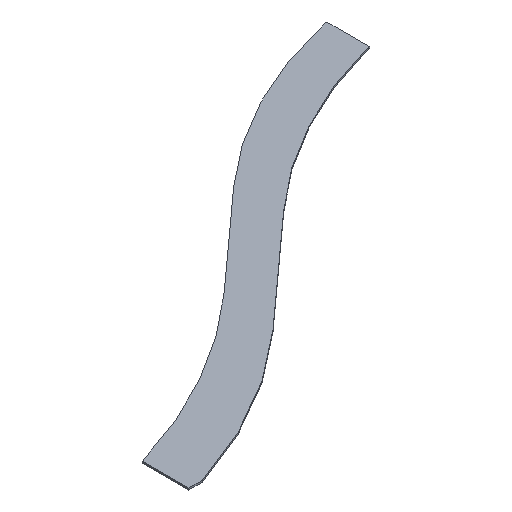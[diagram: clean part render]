
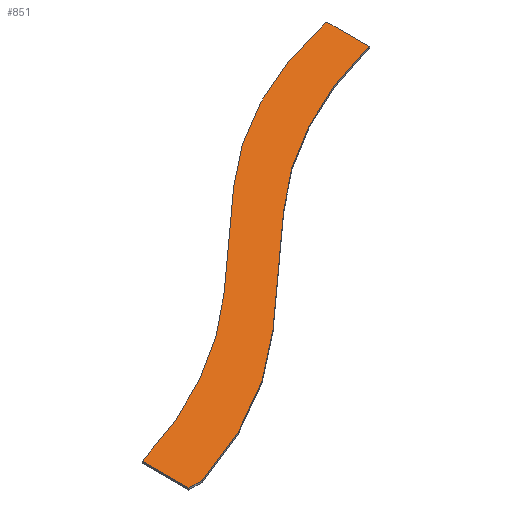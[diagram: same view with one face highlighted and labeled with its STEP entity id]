
A CAD part, isometric view. The second image highlights one B-rep face of the part: STEP entity #851.
In plain terms, the highlighted planar face has unit normal (0, 0, 1).
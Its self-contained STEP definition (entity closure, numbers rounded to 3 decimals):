
#660=CIRCLE('',#821,2620.656);
#662=CIRCLE('',#824,2479.82);
#663=CIRCLE('',#825,2908.977);
#664=CIRCLE('',#826,2717.17);
#680=ORIENTED_EDGE('',*,*,#763,.F.);
#681=ORIENTED_EDGE('',*,*,#767,.T.);
#682=ORIENTED_EDGE('',*,*,#768,.T.);
#683=ORIENTED_EDGE('',*,*,#769,.F.);
#684=ORIENTED_EDGE('',*,*,#770,.T.);
#685=ORIENTED_EDGE('',*,*,#771,.F.);
#686=ORIENTED_EDGE('',*,*,#772,.T.);
#687=ORIENTED_EDGE('',*,*,#773,.F.);
#688=ORIENTED_EDGE('',*,*,#774,.F.);
#689=ORIENTED_EDGE('',*,*,#775,.F.);
#690=ORIENTED_EDGE('',*,*,#764,.T.);
#739=VERTEX_POINT('',#1177);
#741=VERTEX_POINT('',#1181);
#742=VERTEX_POINT('',#1185);
#744=VERTEX_POINT('',#1191);
#745=VERTEX_POINT('',#1193);
#746=VERTEX_POINT('',#1195);
#747=VERTEX_POINT('',#1197);
#748=VERTEX_POINT('',#1199);
#749=VERTEX_POINT('',#1201);
#750=VERTEX_POINT('',#1203);
#751=VERTEX_POINT('',#1205);
#763=EDGE_CURVE('',#741,#739,#1290,.T.);
#764=EDGE_CURVE('',#742,#739,#660,.T.);
#767=EDGE_CURVE('',#741,#744,#1292,.T.);
#768=EDGE_CURVE('',#744,#745,#1293,.T.);
#769=EDGE_CURVE('',#746,#745,#662,.T.);
#770=EDGE_CURVE('',#746,#747,#1294,.T.);
#771=EDGE_CURVE('',#748,#747,#663,.T.);
#772=EDGE_CURVE('',#748,#749,#1295,.T.);
#773=EDGE_CURVE('',#750,#749,#1296,.T.);
#774=EDGE_CURVE('',#751,#750,#664,.T.);
#775=EDGE_CURVE('',#742,#751,#1297,.T.);
#795=EDGE_LOOP('',(#680,#681,#682,#683,#684,#685,#686,#687,#688,#689,#690));
#808=FACE_BOUND('',#795,.T.);
#821=AXIS2_PLACEMENT_3D('',#1186,#915,#916);
#823=AXIS2_PLACEMENT_3D('',#1190,#920,#921);
#824=AXIS2_PLACEMENT_3D('',#1196,#924,#925);
#825=AXIS2_PLACEMENT_3D('',#1200,#927,#928);
#826=AXIS2_PLACEMENT_3D('',#1206,#931,#932);
#841=PLANE('',#823);
#851=ADVANCED_FACE('',(#808),#841,.T.);
#912=DIRECTION('',(-10.,0.,0.));
#915=DIRECTION('',(0.,0.,-1.));
#916=DIRECTION('',(-661.217,2535.869,0.));
#920=DIRECTION('',(0.,0.,1.));
#921=DIRECTION('',(0.,-1.,0.));
#922=DIRECTION('',(0.,255.868,0.));
#923=DIRECTION('',(-10.,0.,0.));
#924=DIRECTION('',(0.,0.,-1.));
#925=DIRECTION('',(-897.749,2311.613,0.));
#926=DIRECTION('',(-570.434,-514.409,0.));
#927=DIRECTION('',(0.,0.,1.));
#928=DIRECTION('',(1104.74,-2691.04,0.));
#929=DIRECTION('',(0.,-277.852,0.));
#930=DIRECTION('',(-80.,0.,0.));
#931=DIRECTION('',(0.,0.,-1.));
#932=DIRECTION('',(825.357,-2588.784,0.));
#933=DIRECTION('',(-647.896,-584.263,0.));
#1021=VECTOR('',#912,1.);
#1023=VECTOR('',#922,1.);
#1024=VECTOR('',#923,1.);
#1025=VECTOR('',#926,1.);
#1026=VECTOR('',#929,1.);
#1027=VECTOR('',#930,1.);
#1028=VECTOR('',#933,1.);
#1177=CARTESIAN_POINT('',(2825.,1818.204,10.));
#1181=CARTESIAN_POINT('',(2835.,1818.204,10.));
#1183=CARTESIAN_POINT('',(2835.,1818.204,10.));
#1185=CARTESIAN_POINT('',(1731.171,1228.525,10.));
#1186=CARTESIAN_POINT('',(3486.217,-717.665,10.));
#1190=CARTESIAN_POINT('',(0.,0.,10.));
#1191=CARTESIAN_POINT('',(2835.,2074.072,10.));
#1192=CARTESIAN_POINT('',(2835.,1818.204,10.));
#1193=CARTESIAN_POINT('',(2825.,2074.072,10.));
#1194=CARTESIAN_POINT('',(2835.,2074.072,10.));
#1195=CARTESIAN_POINT('',(1696.797,1493.769,10.));
#1196=CARTESIAN_POINT('',(3357.43,-347.916,10.));
#1197=CARTESIAN_POINT('',(1126.363,979.36,10.));
#1198=CARTESIAN_POINT('',(1696.797,1493.769,10.));
#1199=CARTESIAN_POINT('',(10.,352.139,10.));
#1200=CARTESIAN_POINT('',(-821.771,3139.666,10.));
#1201=CARTESIAN_POINT('',(10.,74.288,10.));
#1202=CARTESIAN_POINT('',(10.,352.139,10.));
#1203=CARTESIAN_POINT('',(90.,74.288,10.));
#1204=CARTESIAN_POINT('',(90.,74.288,10.));
#1205=CARTESIAN_POINT('',(1083.275,644.262,10.));
#1206=CARTESIAN_POINT('',(-735.357,2663.071,10.));
#1207=CARTESIAN_POINT('',(1731.171,1228.525,10.));
#1290=LINE('',#1183,#1021);
#1292=LINE('',#1192,#1023);
#1293=LINE('',#1194,#1024);
#1294=LINE('',#1198,#1025);
#1295=LINE('',#1202,#1026);
#1296=LINE('',#1204,#1027);
#1297=LINE('',#1207,#1028);
■ ■ ■ ■ ■
**EXERCISE**
Give the entries above again in full and exactly, but not the pictures.

**ANSWER**
[diagram: clean part render]
[diagram: same view with one face highlighted and labeled with its STEP entity id]
A CAD part, isometric view. The second image highlights one B-rep face of the part: STEP entity #851.
In plain terms, the highlighted planar face has unit normal (0, 0, 1).
Its self-contained STEP definition (entity closure, numbers rounded to 3 decimals):
#660=CIRCLE('',#821,2620.656);
#662=CIRCLE('',#824,2479.82);
#663=CIRCLE('',#825,2908.977);
#664=CIRCLE('',#826,2717.17);
#680=ORIENTED_EDGE('',*,*,#763,.F.);
#681=ORIENTED_EDGE('',*,*,#767,.T.);
#682=ORIENTED_EDGE('',*,*,#768,.T.);
#683=ORIENTED_EDGE('',*,*,#769,.F.);
#684=ORIENTED_EDGE('',*,*,#770,.T.);
#685=ORIENTED_EDGE('',*,*,#771,.F.);
#686=ORIENTED_EDGE('',*,*,#772,.T.);
#687=ORIENTED_EDGE('',*,*,#773,.F.);
#688=ORIENTED_EDGE('',*,*,#774,.F.);
#689=ORIENTED_EDGE('',*,*,#775,.F.);
#690=ORIENTED_EDGE('',*,*,#764,.T.);
#739=VERTEX_POINT('',#1177);
#741=VERTEX_POINT('',#1181);
#742=VERTEX_POINT('',#1185);
#744=VERTEX_POINT('',#1191);
#745=VERTEX_POINT('',#1193);
#746=VERTEX_POINT('',#1195);
#747=VERTEX_POINT('',#1197);
#748=VERTEX_POINT('',#1199);
#749=VERTEX_POINT('',#1201);
#750=VERTEX_POINT('',#1203);
#751=VERTEX_POINT('',#1205);
#763=EDGE_CURVE('',#741,#739,#1290,.T.);
#764=EDGE_CURVE('',#742,#739,#660,.T.);
#767=EDGE_CURVE('',#741,#744,#1292,.T.);
#768=EDGE_CURVE('',#744,#745,#1293,.T.);
#769=EDGE_CURVE('',#746,#745,#662,.T.);
#770=EDGE_CURVE('',#746,#747,#1294,.T.);
#771=EDGE_CURVE('',#748,#747,#663,.T.);
#772=EDGE_CURVE('',#748,#749,#1295,.T.);
#773=EDGE_CURVE('',#750,#749,#1296,.T.);
#774=EDGE_CURVE('',#751,#750,#664,.T.);
#775=EDGE_CURVE('',#742,#751,#1297,.T.);
#795=EDGE_LOOP('',(#680,#681,#682,#683,#684,#685,#686,#687,#688,#689,#690));
#808=FACE_BOUND('',#795,.T.);
#821=AXIS2_PLACEMENT_3D('',#1186,#915,#916);
#823=AXIS2_PLACEMENT_3D('',#1190,#920,#921);
#824=AXIS2_PLACEMENT_3D('',#1196,#924,#925);
#825=AXIS2_PLACEMENT_3D('',#1200,#927,#928);
#826=AXIS2_PLACEMENT_3D('',#1206,#931,#932);
#841=PLANE('',#823);
#851=ADVANCED_FACE('',(#808),#841,.T.);
#912=DIRECTION('',(-10.,0.,0.));
#915=DIRECTION('',(0.,0.,-1.));
#916=DIRECTION('',(-661.217,2535.869,0.));
#920=DIRECTION('',(0.,0.,1.));
#921=DIRECTION('',(0.,-1.,0.));
#922=DIRECTION('',(0.,255.868,0.));
#923=DIRECTION('',(-10.,0.,0.));
#924=DIRECTION('',(0.,0.,-1.));
#925=DIRECTION('',(-897.749,2311.613,0.));
#926=DIRECTION('',(-570.434,-514.409,0.));
#927=DIRECTION('',(0.,0.,1.));
#928=DIRECTION('',(1104.74,-2691.04,0.));
#929=DIRECTION('',(0.,-277.852,0.));
#930=DIRECTION('',(-80.,0.,0.));
#931=DIRECTION('',(0.,0.,-1.));
#932=DIRECTION('',(825.357,-2588.784,0.));
#933=DIRECTION('',(-647.896,-584.263,0.));
#1021=VECTOR('',#912,1.);
#1023=VECTOR('',#922,1.);
#1024=VECTOR('',#923,1.);
#1025=VECTOR('',#926,1.);
#1026=VECTOR('',#929,1.);
#1027=VECTOR('',#930,1.);
#1028=VECTOR('',#933,1.);
#1177=CARTESIAN_POINT('',(2825.,1818.204,10.));
#1181=CARTESIAN_POINT('',(2835.,1818.204,10.));
#1183=CARTESIAN_POINT('',(2835.,1818.204,10.));
#1185=CARTESIAN_POINT('',(1731.171,1228.525,10.));
#1186=CARTESIAN_POINT('',(3486.217,-717.665,10.));
#1190=CARTESIAN_POINT('',(0.,0.,10.));
#1191=CARTESIAN_POINT('',(2835.,2074.072,10.));
#1192=CARTESIAN_POINT('',(2835.,1818.204,10.));
#1193=CARTESIAN_POINT('',(2825.,2074.072,10.));
#1194=CARTESIAN_POINT('',(2835.,2074.072,10.));
#1195=CARTESIAN_POINT('',(1696.797,1493.769,10.));
#1196=CARTESIAN_POINT('',(3357.43,-347.916,10.));
#1197=CARTESIAN_POINT('',(1126.363,979.36,10.));
#1198=CARTESIAN_POINT('',(1696.797,1493.769,10.));
#1199=CARTESIAN_POINT('',(10.,352.139,10.));
#1200=CARTESIAN_POINT('',(-821.771,3139.666,10.));
#1201=CARTESIAN_POINT('',(10.,74.288,10.));
#1202=CARTESIAN_POINT('',(10.,352.139,10.));
#1203=CARTESIAN_POINT('',(90.,74.288,10.));
#1204=CARTESIAN_POINT('',(90.,74.288,10.));
#1205=CARTESIAN_POINT('',(1083.275,644.262,10.));
#1206=CARTESIAN_POINT('',(-735.357,2663.071,10.));
#1207=CARTESIAN_POINT('',(1731.171,1228.525,10.));
#1290=LINE('',#1183,#1021);
#1292=LINE('',#1192,#1023);
#1293=LINE('',#1194,#1024);
#1294=LINE('',#1198,#1025);
#1295=LINE('',#1202,#1026);
#1296=LINE('',#1204,#1027);
#1297=LINE('',#1207,#1028);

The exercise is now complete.